[Start of Attachment]
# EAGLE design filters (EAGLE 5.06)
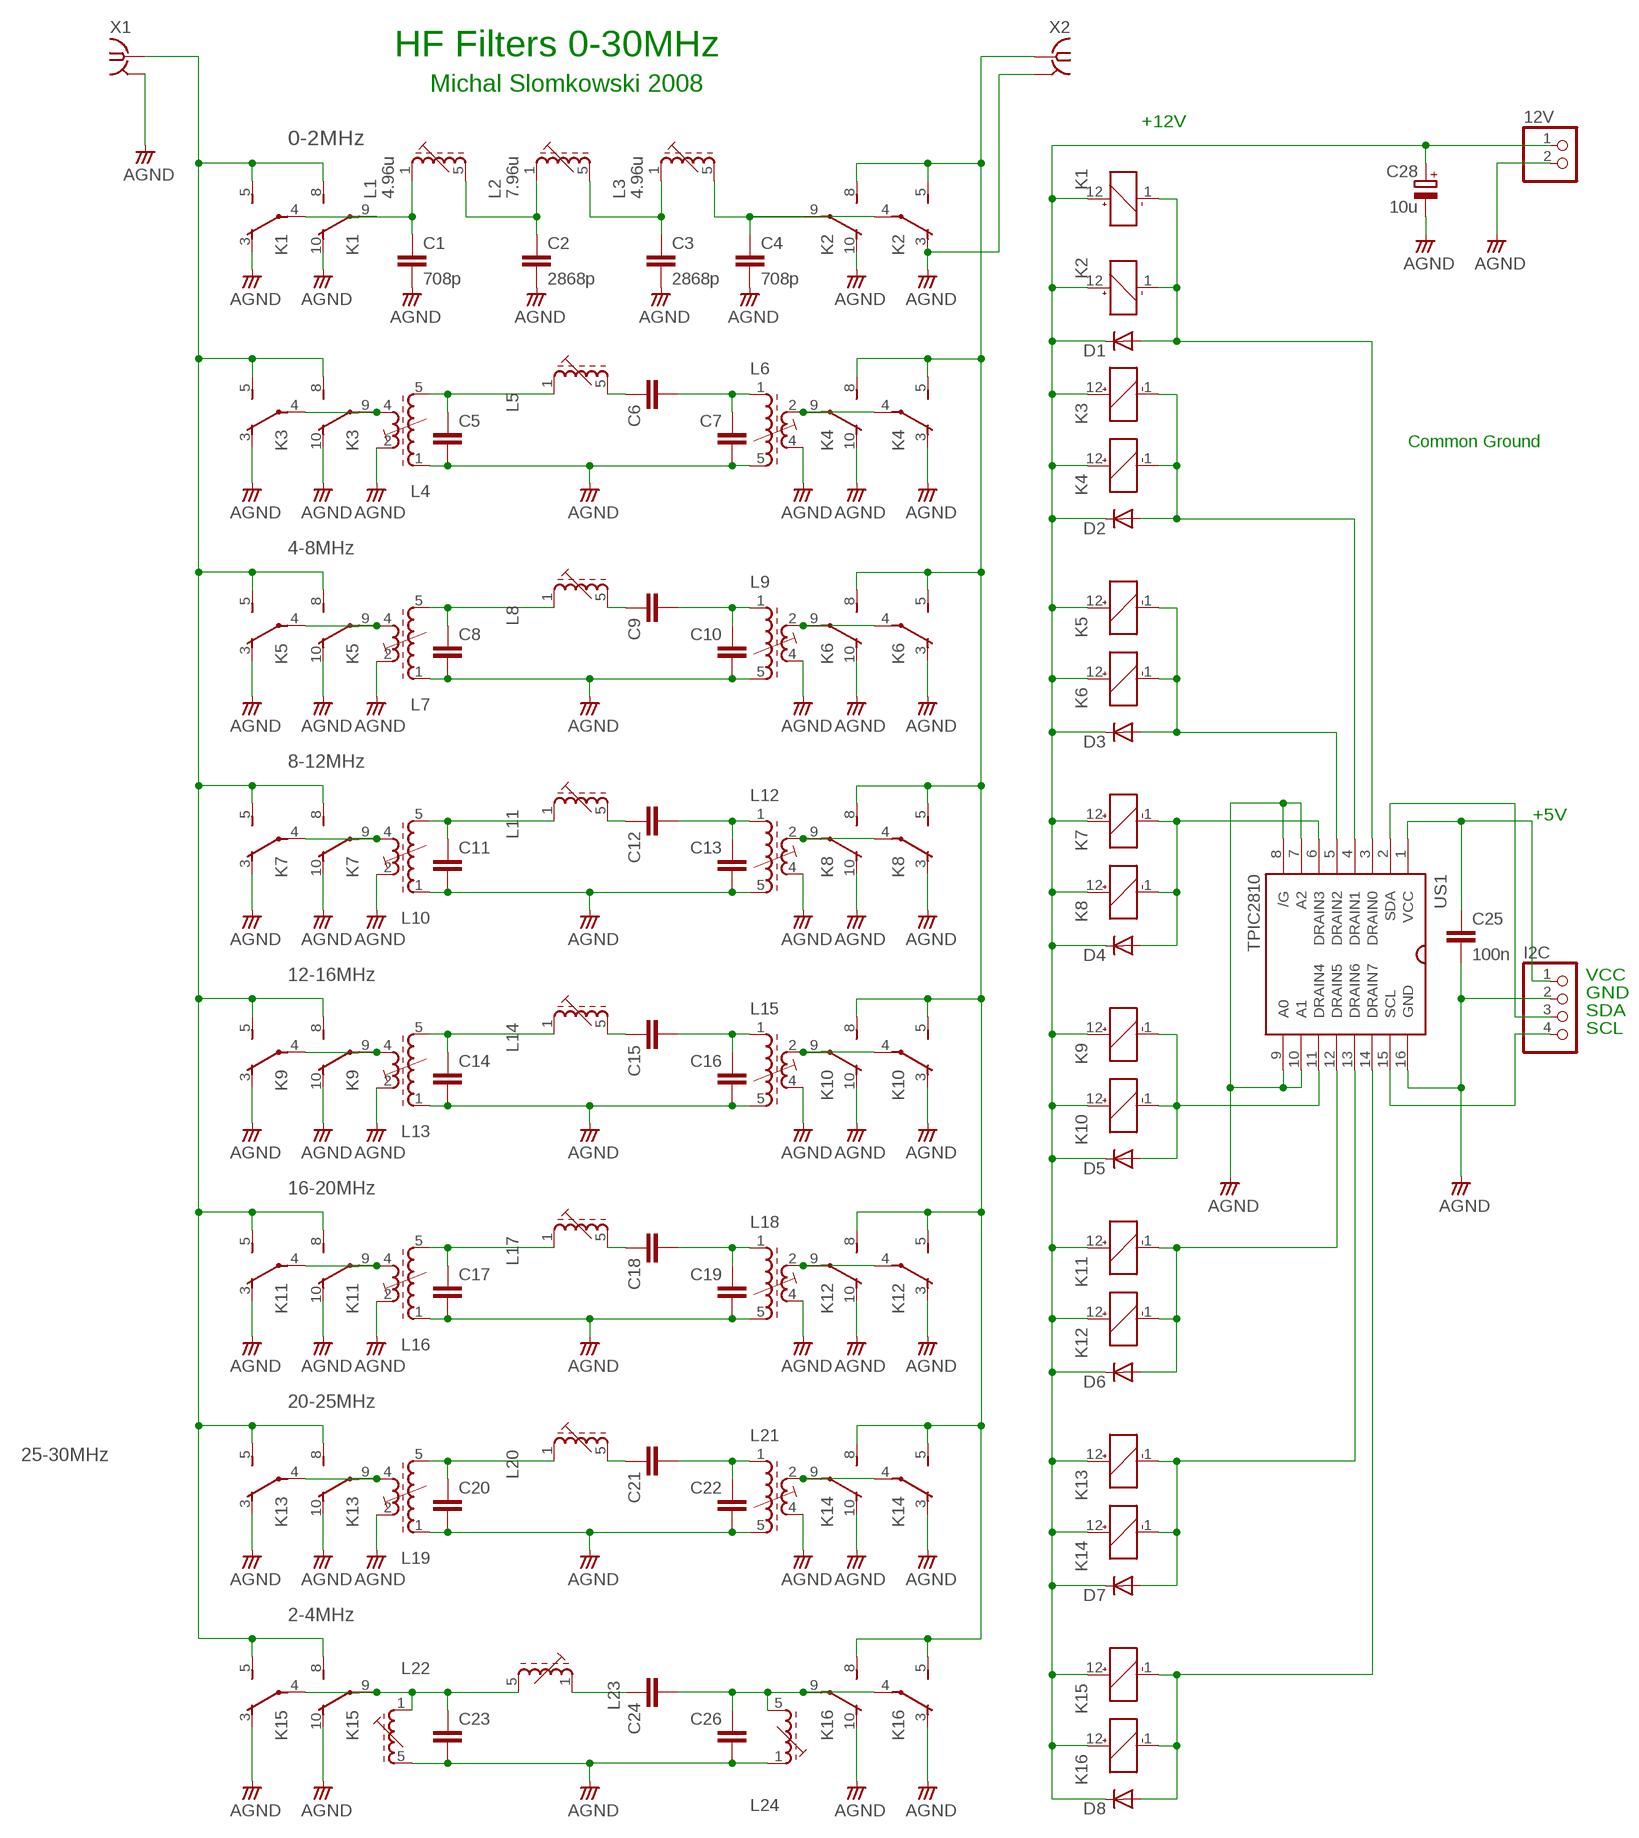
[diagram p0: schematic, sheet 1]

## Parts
12V  PINHD-1X2  [1X02]
C1  708p  C-EU025_050-025X075  [C025_050-025X075]
C2  2868p  C-EU025_050-025X075  [C025_050-025X075]
C3  2868p  C-EU025_050-025X075  [C025_050-025X075]
C4  708p  C-EU025_050-025X075  [C025_050-025X075]
C5  C-EU025_050-025X075  [C025_050-025X075]
C6  C-EU025_050-025X075  [C025_050-025X075]
C7  C-EU025_050-025X075  [C025_050-025X075]
C8  C-EU025_050-025X075  [C025_050-025X075]
C9  C-EU025_050-025X075  [C025_050-025X075]
C10  C-EU025_050-025X075  [C025_050-025X075]
C11  C-EU025_050-025X075  [C025_050-025X075]
C12  C-EU025_050-025X075  [C025_050-025X075]
C13  C-EU025_050-025X075  [C025_050-025X075]
C14  C-EU025_050-025X075  [C025_050-025X075]
C15  C-EU025_050-025X075  [C025_050-025X075]
C16  C-EU025_050-025X075  [C025_050-025X075]
C17  C-EU025_050-025X075  [C025_050-025X075]
C18  C-EU025_050-025X075  [C025_050-025X075]
C19  C-EU025_050-025X075  [C025_050-025X075]
C20  C-EU025_050-025X075  [C025_050-025X075]
C21  C-EU025_050-025X075  [C025_050-025X075]
C22  C-EU025_050-025X075  [C025_050-025X075]
C23  C-EU025_050-025X075  [C025_050-025X075]
C24  C-EU025_050-025X075  [C025_050-025X075]
C25  100n  C-EUC0805K  [C0805K]
C26  C-EU025_050-025X075  [C025_050-025X075]
C28  10u  CPOL-EUE2.5-7  [E2,5-7]
D1  PMLL4150  [SOD80C]
D2  PMLL4150  [SOD80C]
D3  PMLL4150  [SOD80C]
D4  PMLL4150  [SOD80C]
D5  PMLL4150  [SOD80C]
D6  PMLL4150  [SOD80C]
D7  PMLL4150  [SOD80C]
D8  PMLL4150  [SOD80C]
I2C  PINHD-1X4  [1X04]
K1  TX2SO-L-12V  [TX2]
K2  TX2SO-L-12V  [TX2]
K3  TX2SO-L-12V  [TX2]
K4  TX2SO-L-12V  [TX2]
K5  TX2SO-L-12V  [TX2]
K6  TX2SO-L-12V  [TX2]
K7  TX2SO-L-12V  [TX2]
K8  TX2SO-L-12V  [TX2]
K9  TX2SO-L-12V  [TX2]
K10  TX2SO-L-12V  [TX2]
K11  TX2SO-L-12V  [TX2]
K12  TX2SO-L-12V  [TX2]
K13  TX2SO-L-12V  [TX2]
K14  TX2SO-L-12V  [TX2]
K15  TX2SO-L-12V  [TX2]
K16  TX2SO-L-12V  [TX2]
L1  4.96u  51K  [71K]
L2  7.96u  51K  [71K]
L3  4.96u  51K  [71K]
L4  71-4-1524  [71-5]
L5  51K  [71K]
L6  71-4-1524  [71-5]
L7  71-4-1524  [71-5]
L8  51K  [71K]
L9  71-4-1524  [71-5]
L10  71-4-1524  [71-5]
L11  51K  [71K]
L12  71-4-1524  [71-5]
L13  71-4-1524  [71-5]
L14  51K  [71K]
L15  71-4-1524  [71-5]
L16  71-4-1524  [71-5]
L17  51K  [71K]
L18  71-4-1524  [71-5]
L19  71-4-1524  [71-5]
L20  51K  [71K]
L21  71-4-1524  [71-5]
L22  51K  [71K]
L23  51K  [71K]
L24  51K  [71K]
US1  TPIC2810  [SO16]
X1  BU-SMA-V  [BU-SMA-V]
X2  BU-SMA-V  [BU-SMA-V]

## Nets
N$1: C1.1 K1.4(1:P) K1.9(2:P) L1.1(A)
N$2: C2.1 L1.5(E) L2.1(A)
N$3: C3.1 L2.5(E) L3.1(A)
N$4: C5.1 L4.5(E1) L5.1(A)
N$5: K2.5(1:S) K2.8(2:S) K4.5(1:S) K4.8(2:S) K6.5(1:S) K6.8(2:S) K8.5(1:S) K8.8(2:S) K10.5(1:S) K10.8(2:S) K12.5(1:S) K12.8(2:S) K14.5(1:S) K14.8(2:S) K16.5(1:S) K16.8(2:S) X2.1
N$6: K6.4(1:P) K6.9(2:P) L9.2(A2)
N$8: C4.1 K2.4(1:P) K2.9(2:P) L3.5(E)
N$9: D7.A K13.1(_:-) K14.1(_:-) US1.13(DRAIN6)
N$10: K5.4(1:P) K5.9(2:P) L7.4(E2)
N$11: K12.4(1:P) K12.9(2:P) L18.2(A2)
N$12: K4.4(1:P) K4.9(2:P) L6.2(A2)
N$13: C6.2 C7.1 L6.1(A1)
N$14: C6.1 L5.5(E)
N$15: I2C.3 US1.2(SDA)
N$17: K3.4(1:P) K3.9(2:P) L4.4(E2)
N$18: K7.4(1:P) K7.9(2:P) L10.4(E2)
N$19: K13.4(1:P) K13.9(2:P) L19.4(E2)
N$20: C23.1 K15.4(1:P) K15.9(2:P) L22.1(A) L23.5(E)
N$21: C24.1 L23.1(A)
N$22: C24.2 C26.1 K16.4(1:P) K16.9(2:P) L24.5(E)
N$25: K8.4(1:P) K8.9(2:P) L12.2(A2)
N$26: K9.4(1:P) K9.9(2:P) L13.4(E2)
N$27: K1.5(1:S) K1.8(2:S) K3.5(1:S) K3.8(2:S) K5.5(1:S) K5.8(2:S) K7.5(1:S) K7.8(2:S) K9.5(1:S) K9.8(2:S) K11.5(1:S) K11.8(2:S) K13.5(1:S) K13.8(2:S) K15.5(1:S) K15.8(2:S) X1.1
N$28: K10.4(1:P) K10.9(2:P) L15.2(A2)
N$29: C21.2 C22.1 L21.1(A1)
N$30: C21.1 L20.5(E)
N$31: K11.4(1:P) K11.9(2:P) L16.4(E2)
N$32: C20.1 L19.5(E1) L20.1(A)
N$33: C18.2 C19.1 L18.1(A1)
N$34: K14.4(1:P) K14.9(2:P) L21.2(A2)
N$35: C18.1 L17.5(E)
N$36: C17.1 L16.5(E1) L17.1(A)
N$38: C15.2 C16.1 L15.1(A1)
N$39: C15.1 L14.5(E)
N$41: C14.1 L13.5(E1) L14.1(A)
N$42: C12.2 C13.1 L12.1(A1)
[End of Attachment]
### Description of the task
Look through the material above and print exactly the lines from the one containing "N$11: K12.4(1:P) K12.9(2:P) L18.2(A2)" to the one containing "N$26: K9.4(1:P) K9.9(2:P) L13.4(E2)", both included, and nothing more.

### Result
N$11: K12.4(1:P) K12.9(2:P) L18.2(A2)
N$12: K4.4(1:P) K4.9(2:P) L6.2(A2)
N$13: C6.2 C7.1 L6.1(A1)
N$14: C6.1 L5.5(E)
N$15: I2C.3 US1.2(SDA)
N$17: K3.4(1:P) K3.9(2:P) L4.4(E2)
N$18: K7.4(1:P) K7.9(2:P) L10.4(E2)
N$19: K13.4(1:P) K13.9(2:P) L19.4(E2)
N$20: C23.1 K15.4(1:P) K15.9(2:P) L22.1(A) L23.5(E)
N$21: C24.1 L23.1(A)
N$22: C24.2 C26.1 K16.4(1:P) K16.9(2:P) L24.5(E)
N$25: K8.4(1:P) K8.9(2:P) L12.2(A2)
N$26: K9.4(1:P) K9.9(2:P) L13.4(E2)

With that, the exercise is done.